◆ Activity: Given the listing below, output exactly the line containing "default] = Steel ASTM A992" and every line after it through the end.

◆ Exercise input:
======

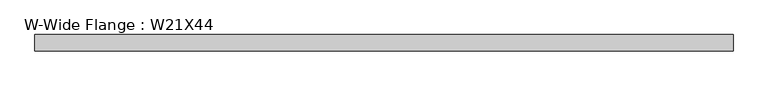
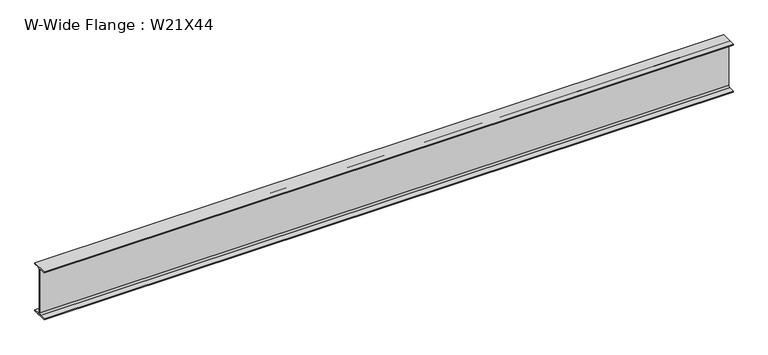
"""IFC4 building model written with IfcOpenShell, lengths in millimetres: beam geometry, W-Wide Flange : W21X44."""

from ifc_helpers import new_model, si_unit, point, frame, frame_2d, origin, place, context, project, spatial, polyline, circle_curve, trimmed, segment, composite_curve, outline, extrude, source, transform, mapped, element, save


def w_wide_flange_w21x44_84bfd685(model_context):
    return source(origin(), model_context, "Body", "SweptSolid", [
        extrude(outline(composite_curve([segment(polyline([(82.55, -251.46), (82.55, -262.89), (-82.55, -262.89), (-82.55, -251.46), (-21.59, -251.46)]), True, "CONTINUOUS"), segment(trimmed(circle_curve(frame_2d((-21.59, -234.315)), 17.145), [point((-21.59, -251.46))], [point((-4.445, -234.315))], True, "CARTESIAN"), True, "CONTINUOUS"), segment(polyline([(-4.445, -234.315), (-4.445, 234.315)]), True, "CONTINUOUS"), segment(trimmed(circle_curve(frame_2d((-21.59, 234.315)), 17.145), [point((-4.445, 234.315))], [point((-21.59, 251.46))], True, "CARTESIAN"), True, "CONTINUOUS"), segment(polyline([(-21.59, 251.46), (-82.55, 251.46), (-82.55, 262.89), (82.55, 262.89), (82.55, 251.46), (21.59, 251.46)]), True, "CONTINUOUS"), segment(trimmed(circle_curve(frame_2d((21.59, 234.315)), 17.145), [point((21.59, 251.46))], [point((4.445, 234.315))], True, "CARTESIAN"), True, "CONTINUOUS"), segment(polyline([(4.445, 234.315), (4.445, -234.315)]), True, "CONTINUOUS"), segment(trimmed(circle_curve(frame_2d((21.59, -234.315)), 17.145), [point((4.445, -234.315))], [point((21.59, -251.46))], True, "CARTESIAN"), True, "CONTINUOUS"), segment(polyline([(21.59, -251.46), (82.55, -251.46)]), True, "CONTINUOUS")], self_intersect=False)), frame((-3511.5003906, 0.0, 0.0), z_axis=(1.0, 0.0, 0.0), x_axis=(0.0, 1.0, 0.0)), (0.0, 0.0, 1.0), 7123.9836406),
    ])


if __name__ == "__main__":
    model = new_model("IFC4")
    model_context = context("Model", 3, world=origin())
    ifc_project = project(units=[si_unit("LENGTHUNIT", "METRE", prefix="MILLI")], contexts=[model_context])
    site = spatial("IfcSite", under=ifc_project)
    building = spatial("IfcBuilding", under=site)
    placement = place(None, origin())
    w_wide_flange_w21x44_shape = w_wide_flange_w21x44_84bfd685(model_context)
    element("IfcBeam", 1, ObjectType="W-Wide Flange : W21X44", at=placement, inside=building, context=model_context, shape_type="MappedRepresentation", body=[
        mapped(w_wide_flange_w21x44_shape, transform((0.0, 0.0, 0.0), x_axis=(1.0, 0.0, 0.0), y_axis=(0.0, 1.0, 0.0), z_axis=(0.0, 0.0, 1.0))),
    ])
    save(model, "model.ifc")

# Revit data of these elements
# Type "W-Wide Flange : W21X44"
#   Assembly Code = "B10"
#   W = 44
#   Length [instance default] = 1524 mm
#   bf = 165.1 mm
#   d = 525.78 mm
#   k = 28.575 mm
#   k2 = 17.145 mm
#   tf = 11.43 mm
#   tw = 8.89 mm
#   A = 0.00838708 m²
#   Structural Material [instance default] = Steel ASTM A992
# Element 1 (IfcBeam, "W-Wide Flange : W21X44")
#   Structural Material = Aluminum, Anodized Red
#   Materials on its faces: "Aluminum, Anodized Red"
# Materials
#   "Steel ASTM A992": class "Metal", colour RGB 128 0 0, transparency 0, Description = "Structural steel 50ksi", Cost = 0
#   "Aluminum, Anodized Red": class "Metal", colour RGB 120 120 120, transparency 0, Description = "Anodized aluminum, red", Cost = 0

======

◆ Result of the task:
#   Structural Material [instance default] = Steel ASTM A992
# Element 1 (IfcBeam, "W-Wide Flange : W21X44")
#   Structural Material = Aluminum, Anodized Red
#   Materials on its faces: "Aluminum, Anodized Red"
# Materials
#   "Steel ASTM A992": class "Metal", colour RGB 128 0 0, transparency 0, Description = "Structural steel 50ksi", Cost = 0
#   "Aluminum, Anodized Red": class "Metal", colour RGB 120 120 120, transparency 0, Description = "Anodized aluminum, red", Cost = 0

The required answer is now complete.